Across the following data, state how many lines include the word "Autodesk". Provide the number alone.

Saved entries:
╔══
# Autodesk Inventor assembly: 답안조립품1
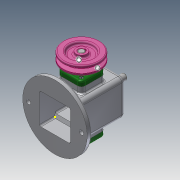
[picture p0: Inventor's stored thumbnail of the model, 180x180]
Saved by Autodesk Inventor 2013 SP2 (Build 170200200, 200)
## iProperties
Created: 2021-08
Part Number: 답안조립품1
Document SubType Name: Assembly
Designer: kumcom17
Author: kumcom17
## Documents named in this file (16)
- C:\Users\kumcom17\Desktop\710806V1005\답안조립품1.iam
- C:\Users\kumcom17\Desktop\710806V1005\본체.ipt
- C:\Users\kumcom17\Desktop\710806V1005\앞커버.ipt
- C:\Users\kumcom17\Desktop\710806V1005\뒤커버.ipt
- C:\Users\kumcom17\Desktop\710806V1005\베어링 12x32x10.ipt
- C:\Users\kumcom17\Desktop\710806V1005\편심축.ipt
- C:\Users\kumcom17\Desktop\710806V1005\키 4x4x10.ipt
- C:\Users\kumcom17\Desktop\710806V1005\V벨트풀리.ipt
- C:\Users\kumcom17\Desktop\710806V1005\오일 실 12 25 7.ipt
- C:\Users\kumcom17\Desktop\710806V1005\볼트 M4.ipt
- C:\Users\kumcom17\Desktop\710806V1005\링크.ipt
- C:\Users\kumcom17\Desktop\710806V1005\핀 5x18.ipt
- C:\Users\kumcom17\Desktop\710806V1005\고정핀 1.2x8.ipt
- C:\Users\kumcom17\Desktop\710806V1005\슬라이드.ipt
- C:\Users\kumcom17\Desktop\710806V1005\부시.ipt
- C:\Users\kumcom17\Desktop\710806V1005\멈춤나사 M3x8.ipt
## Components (3 placed, 3 different names)
1. V벨트풀리:1 — 각도:2
2. 핀 5x18:1
3. 고정핀 1.2x8:1
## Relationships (1: Angle 1)
- 각도:2 [Angle]: V벨트풀리:1
╚══
## REPLY
2